Anna ve Anneler Günü
Anneler Günü'ne bir hafta kaldı. Ben bu tür günlere hiç de karşı değilim. Ve "Keşke herkesin bir günü olsa," der dururum. Kutlama yapmanın nesi kötü ki? İnsanları mutlu etmenin? 'Saçma sapan' vesilelerle de olsa... Ortaya çıkan sonuç hiç de saçma olmuyor işte. Bir insanı mutlu etmek, yüzünü güldürmek... Bundan daha güzeli var mı?
*** Neyse işte... Fakat bir yandan da tüm dünyanın mayısın ikinci haftası kutladığı Anneler Günü'nü icat eden kadıncağızın başına gelenler, "Bu tür günler, tüketimi pompalamaktan başka işe yaramıyor. "Anneni seveceksen her gün seveceksin," diyenleri haklı çıkartacak cinsten. Bu günü dünyaya kabul ettiren, sürekli annesiyle yaşamış olmasına rağmen annesi öldüğünde, "Ben anneme hiç iyi bir evlat olamadım, onunla yeteri kadar vakit geçiremedim," diye tuhaf bir duyguya kapılan, Anna Jarvis isimli bir kadın. Şahsen hikâyesini öğrendikten sonra ben Annacığın akıl ve ruh sağlığının pek yerinde olmadığına kanaat getirdim. Doktor, psikolog değilim... Benimki tamamen çok bilmişlikten... Ama baksanıza hikâyenin başı bile tuhaf değil mi? Sen bütün ömrünü annene adamana rağmen yine de öldüğünde kendini bu konuda suçlu hisset. Ve bu kez de hayatını bütün dünyaya Anneler Günü kutlamasını kabul ettirmeye ada. "Ne var bunda, ne güzel ulvi bir misyon edinmiş kendine. Bunun nesi delilik?" demeyin. Anna, hem kendi annesine hem de bütün annelere öyle kafayı takmış ki, kıyamam, sonunda kendisi anne olamamış. Çünkü bu işler için koşuşturmaktan doğurmaya vakti kalmamış. Hele Anneler Günü'nü daha ziyade dini ağırlıklı bir kutlama olarak düşünmüşken, bu günden ticari çıkar sağlamaya çalışanlara karşı başlattığı hukuki savaş, kadıncağızın resmen sonunu getirmiş. Bu kişilere karşı açtığı bütün davaları kaybetmiş. Bütün varlığını, hatta ailesinden kalan evini bile kaybetmiş. Hayatını illa birilerine adamak konusunda fazla ısrarcı olan Anna, herkese küstükten sonra kendisini bu kez de hayattaki tek akrabası olan kız kardeşine adamış. Fakat bu kız kardeş de ölünce, Anna'nın artık kendini adayacağı kimse kalmayınca yaşamaktan da vazgeçmiş. Ve 1948'de 84 yaşında yalnız, mutsuz ve kör bir şekilde göçmüş gitmiş.

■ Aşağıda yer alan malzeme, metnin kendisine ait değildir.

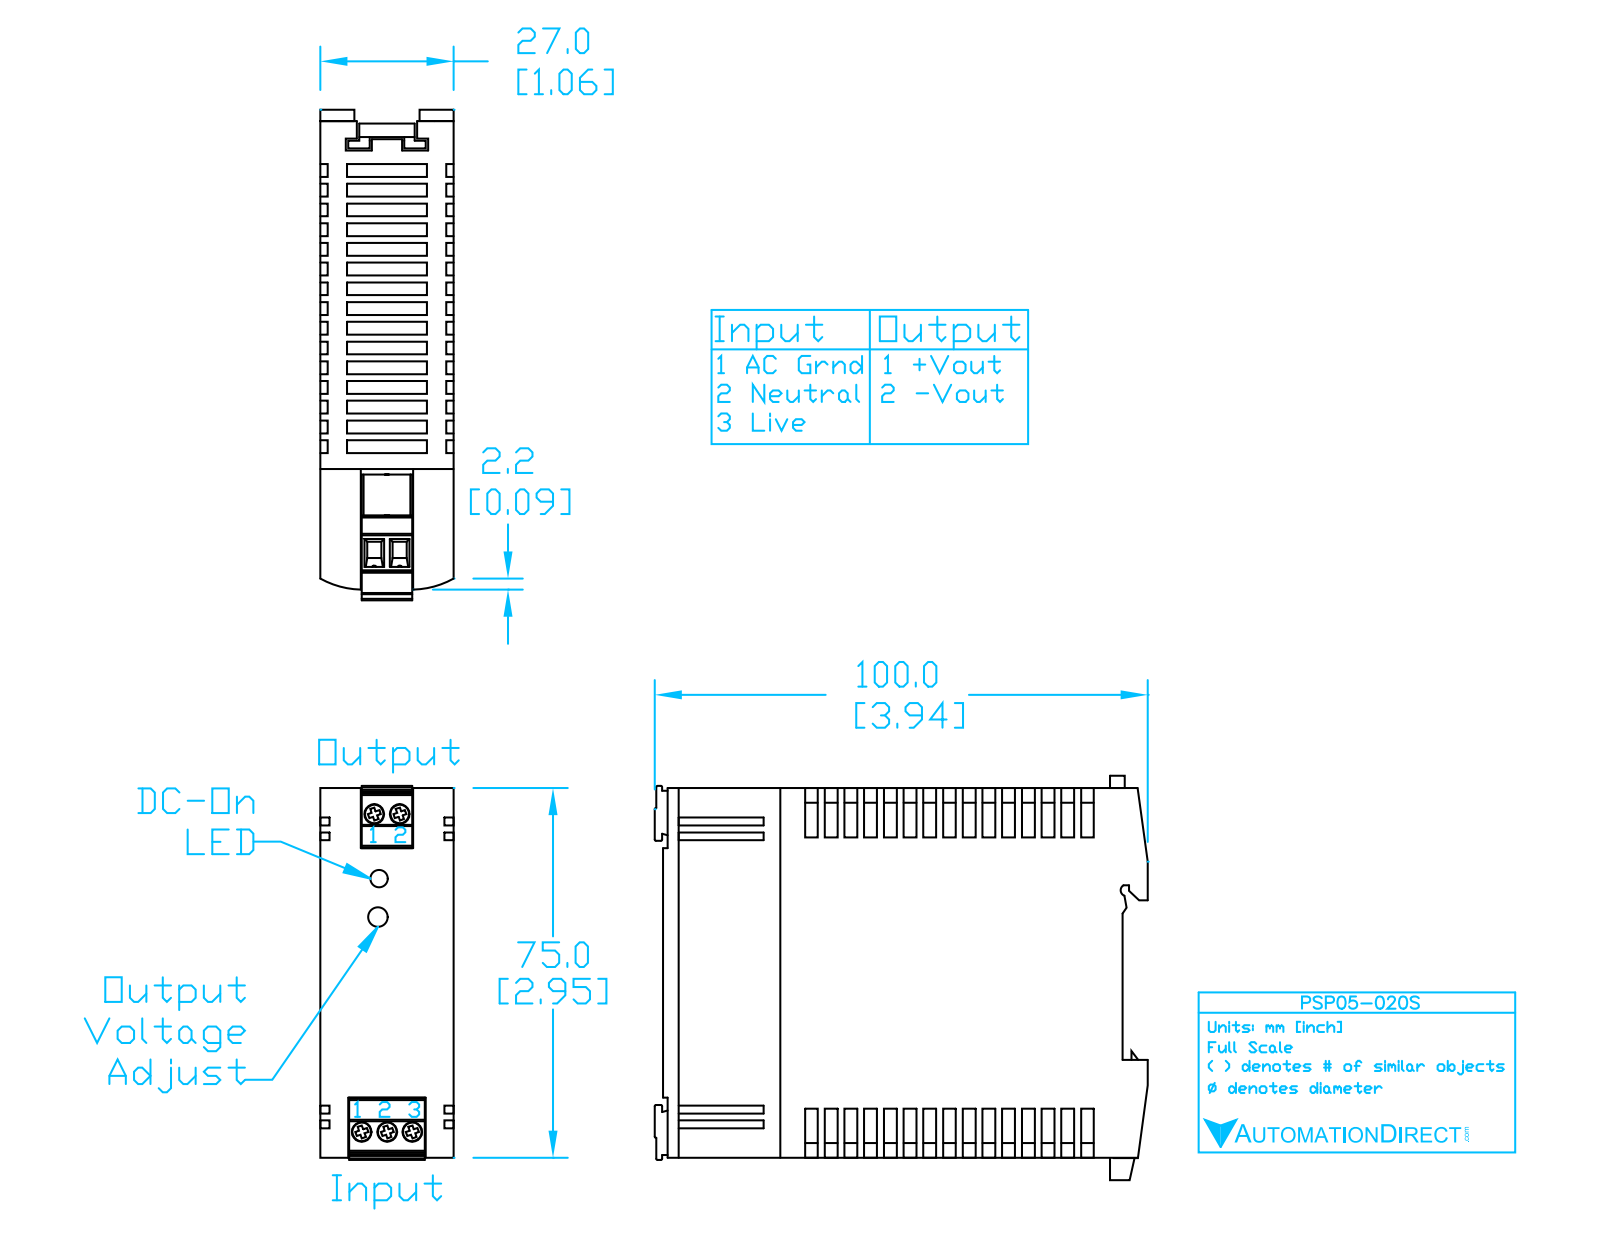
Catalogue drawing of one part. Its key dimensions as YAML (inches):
part_name: "PSP05-020S"
step_written_by: "SolidWorks 2011 (CONFIG_CONTROL_DESIGN)"
units: inches
bodies: {solids: 1, faces: 236, planar: 188, cylindrical: 0, other: 48}
overall_size: [4.026, 3.15, 1.063]
volume: 11.94
surface_area: 45.5
face_to_face_distances: [1.063, 2.953, 0.039, 0.207, 0.856, 0.467, 0.506, 2.028, 0.014, 2.494]
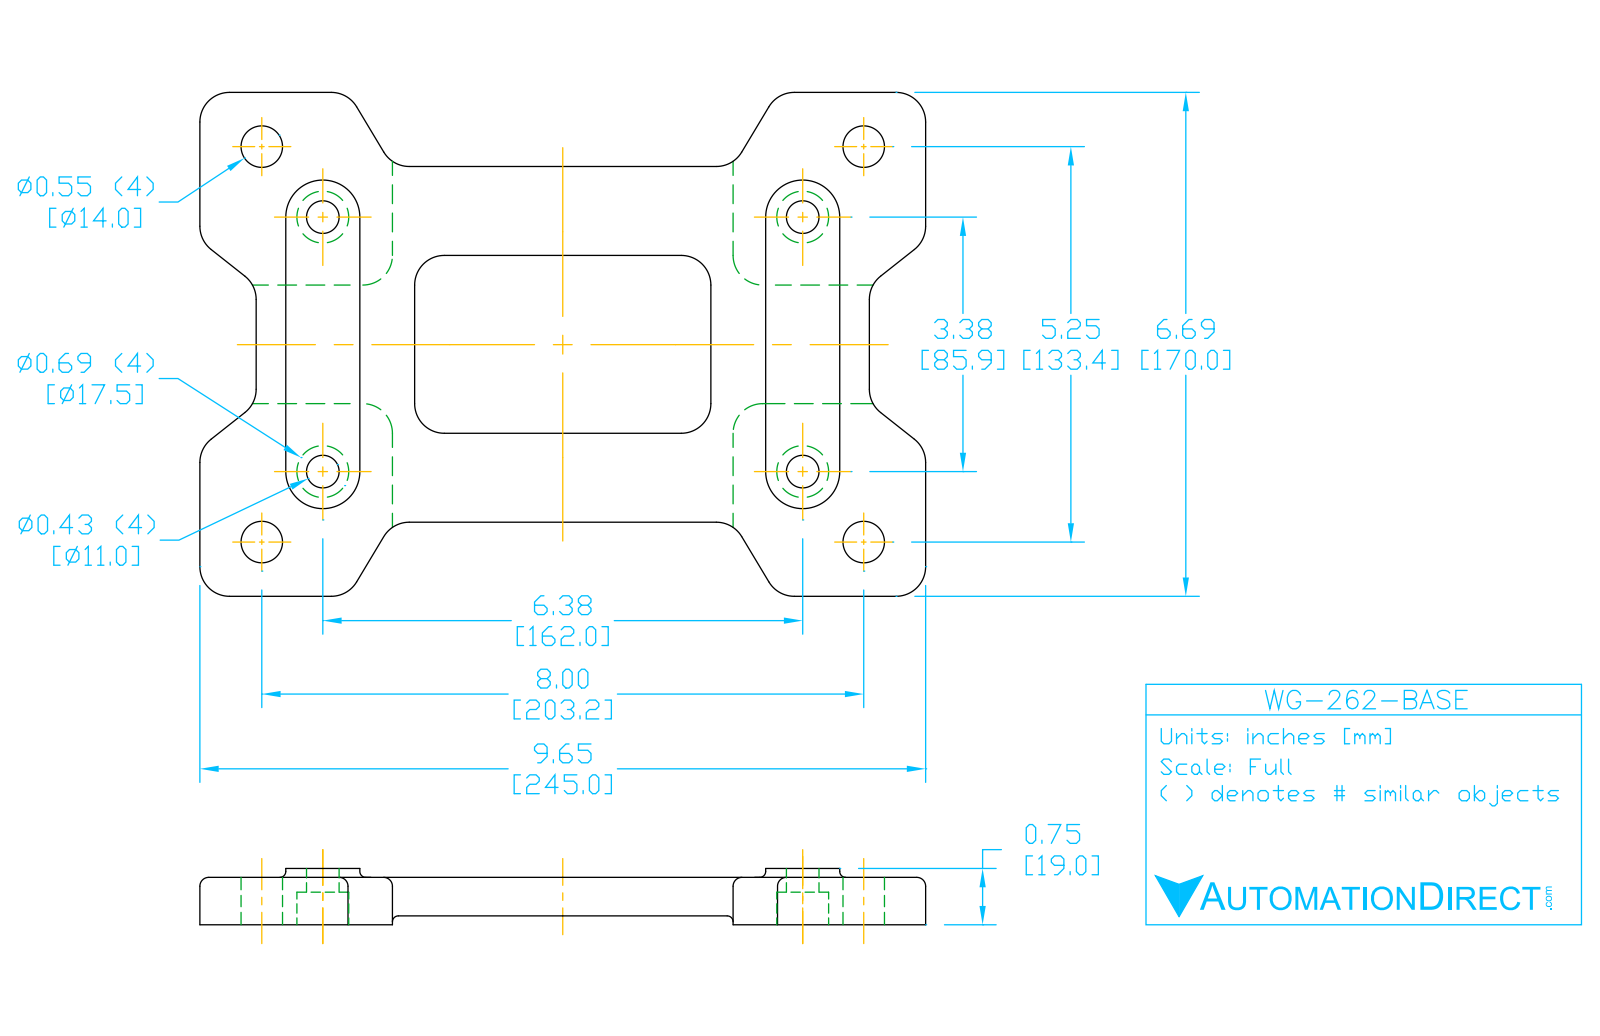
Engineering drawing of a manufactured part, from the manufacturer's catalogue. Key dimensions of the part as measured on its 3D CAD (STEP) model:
Part name (STEP PRODUCT): WG-262-BASE
STEP written by: SolidWorks 2017 (AUTOMOTIVE_DESIGN)
Units: inches
Bodies: 1 solid, 128 faces (48 planar, 70 cylindrical, 10 other)
Overall size (bounding box): 9.646 × 6.693 × 0.748
Volume: 23.94 in³ · Surface area: 120.9 in²
Round holes (diameter × count): ⌀0.433 ×4, ⌀0.551 ×4, ⌀0.689 ×4
Partial cylindrical surfaces — rounded edges, fillets, slot ends (radius × count): R0.394 ×24, R0.039 ×4, R0.079 ×4, R0.315 ×4, R0.492 ×4
Main face-to-face distances: 0.63, 0.118, 0.512, 0.748, 0.984, 5.709, 4.528, 2.165, 1.181, 3.543
Hole centre spacings: 1.238, 4.393, 7.25, 8.385, 3.382, 5.252, 6.378, 7.219
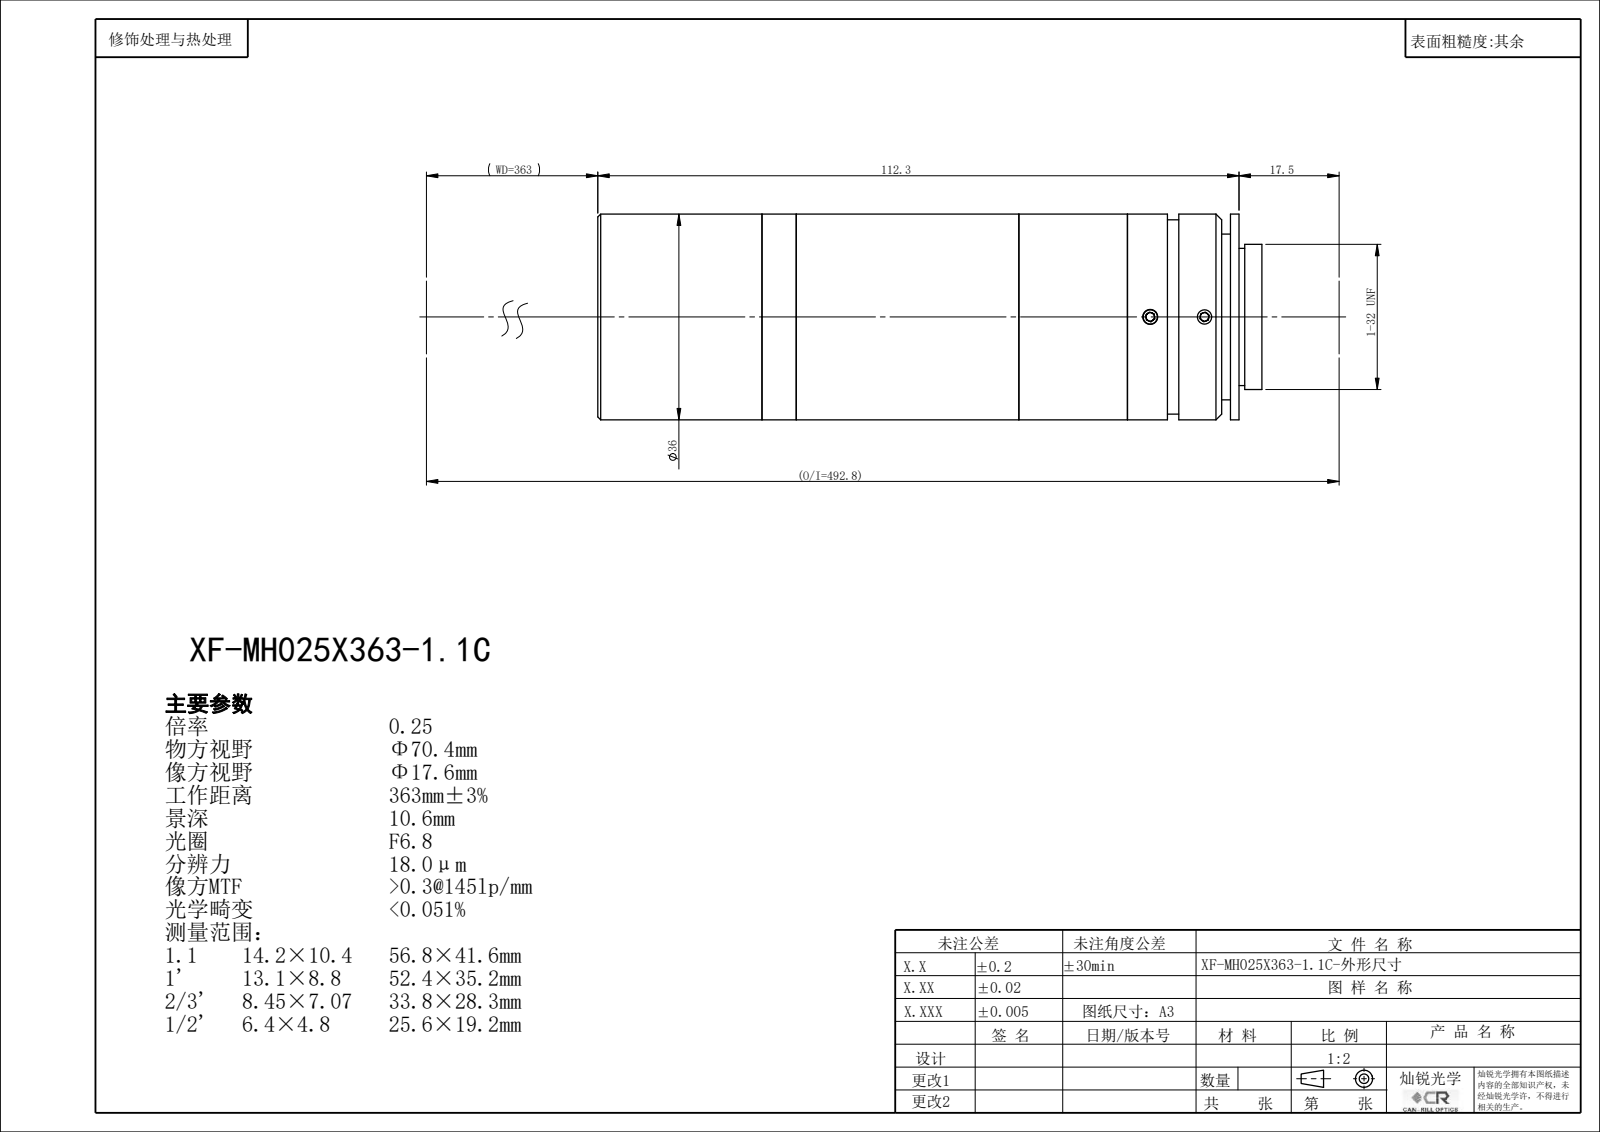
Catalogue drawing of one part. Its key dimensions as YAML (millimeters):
part_name: "XF-MH025X363-1.1C"
step_written_by: "SolidWorks 2022 (CONFIG_CONTROL_DESIGN)"
units: millimeters
bodies: {solids: 0, faces: 132, planar: 70, cylindrical: 40, other: 22}
overall_size: [116.25, 36, 36]
round_holes:
  - {diameter: 2.5, count: 3}
  - {diameter: 22.4, count: 1}
  - {diameter: 24, count: 1}
  - {diameter: 26, count: 1}
  - {diameter: 26.4, count: 1}
  - {diameter: 29.4, count: 1}
  - {diameter: 33.4, count: 1}
  - {diameter: 34.5, count: 1}
round_bosses_or_shafts:
  - {diameter: 36, count: 1}
  - {diameter: 34, count: 1}
  - {diameter: 25.4, count: 1}
face_to_face_distances: [19.53, 1.5, 18.03, 19, 37.03, 38.53, 69.28, 88.28, 106.31, 107.81]
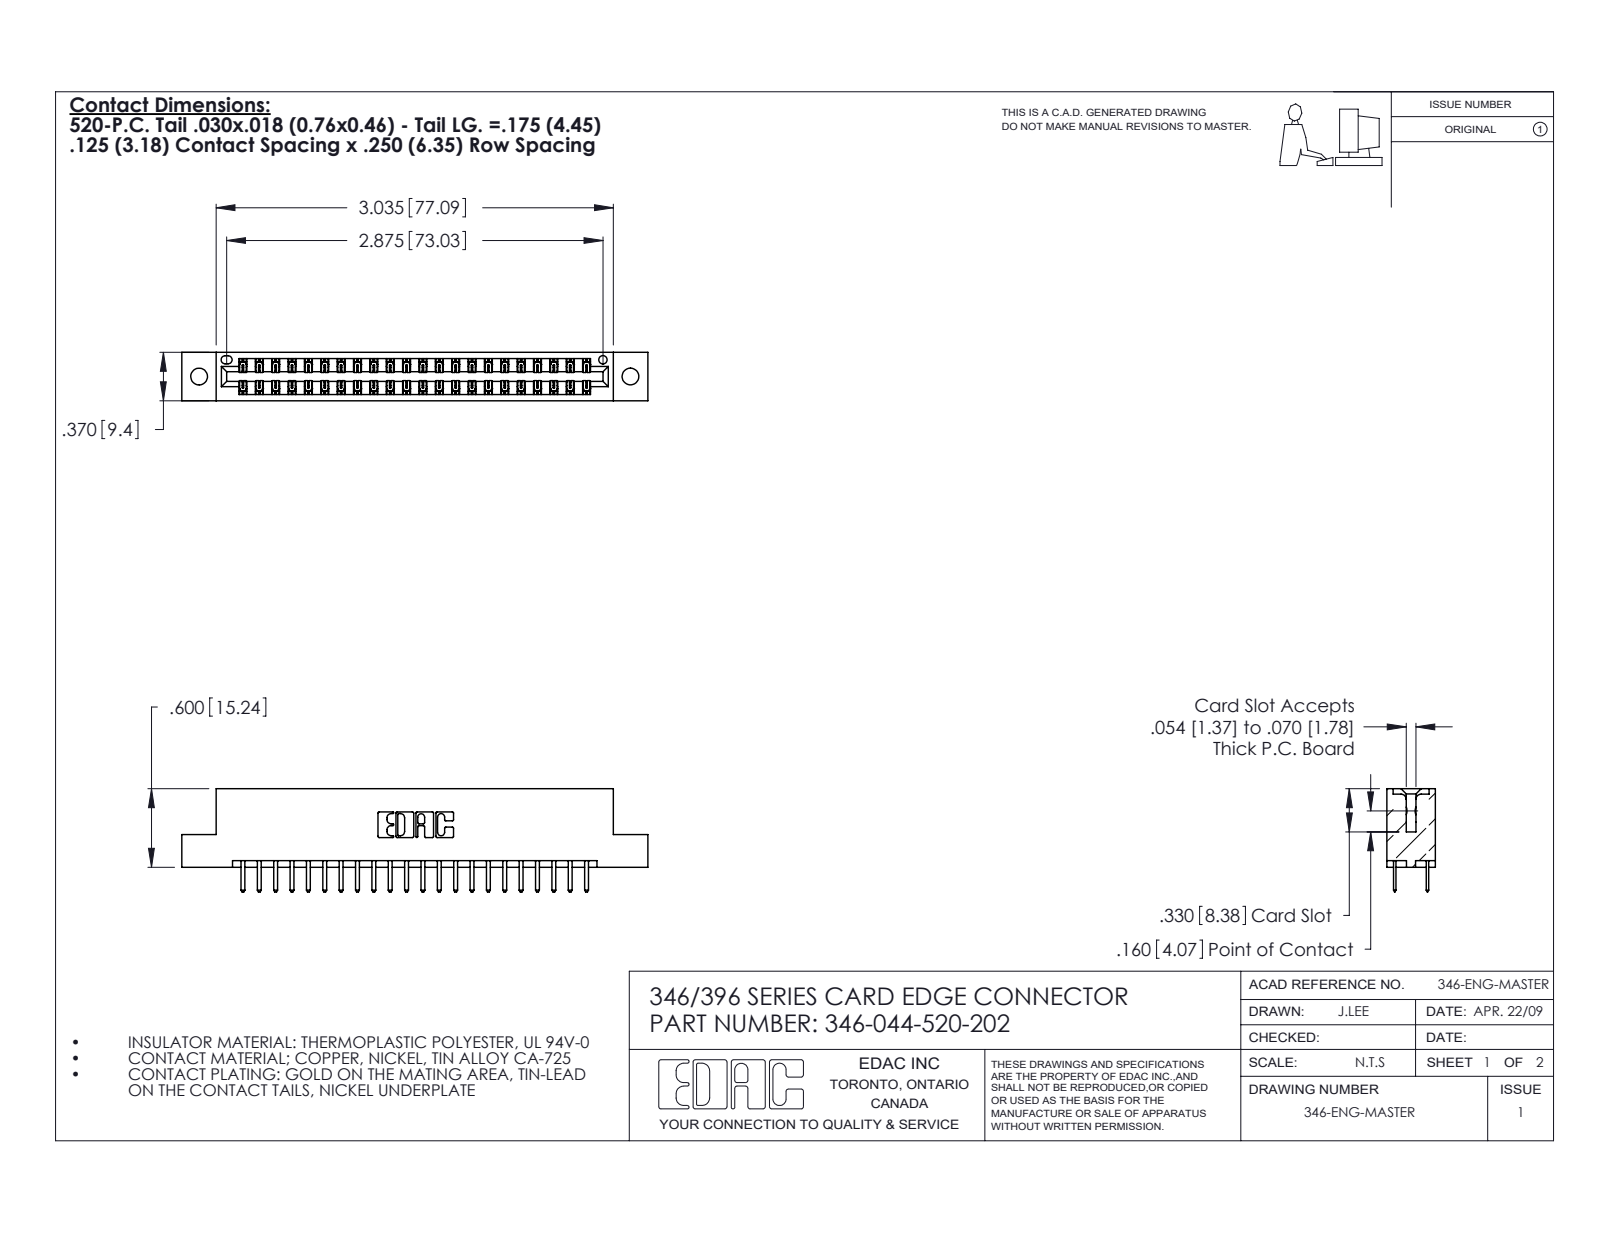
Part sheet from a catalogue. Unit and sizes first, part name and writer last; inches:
Units: inches
Overall size (bounding box): 3.56 × 0.788 × 0.37
Round holes (diameter × count): ⌀0.128 ×2, ⌀0.064 ×1
Partial cylindrical surfaces — rounded edges, fillets, slot ends (radius × count): R0.006 ×66, R0.01 ×48, R0.01 ×22, R0.007 ×6, R0.031 ×6, R0.026 ×3, R0.014 ×2, R0.022 ×2
Main face-to-face distances: 0.048, 0.322, 0.25, 0.37, 0.275, 0.072, 0.298, 0.025, 0.148, 0.222
Hole centre spacings: 0.246, 3.087, 3.295
Volume: 0.525 in³ · Surface area: 17.36 in²
Bodies: 45 solids, 2586 faces (1704 planar, 882 cylindrical, 0 other)
Part name (STEP PRODUCT): 345-292-001_345-293-120; 346 Part_Flush Mounting Lugs - 0.128 Dia; 346-044-520-202
STEP written by: SolidWorks 2020 (CONFIG_CONTROL_DESIGN)

*** Neyse benimki de gevezelik işte. Annenize bayılacağı bir sürpriz hazırlamak için bir haftanız var. Siz Anna gibi yapmayın ama... Kendinizi de, en az annenizi sevdiğiniz kadar sevin ve çok yi bakın... Ki buna en çok anneniz sevinecektir, inanın.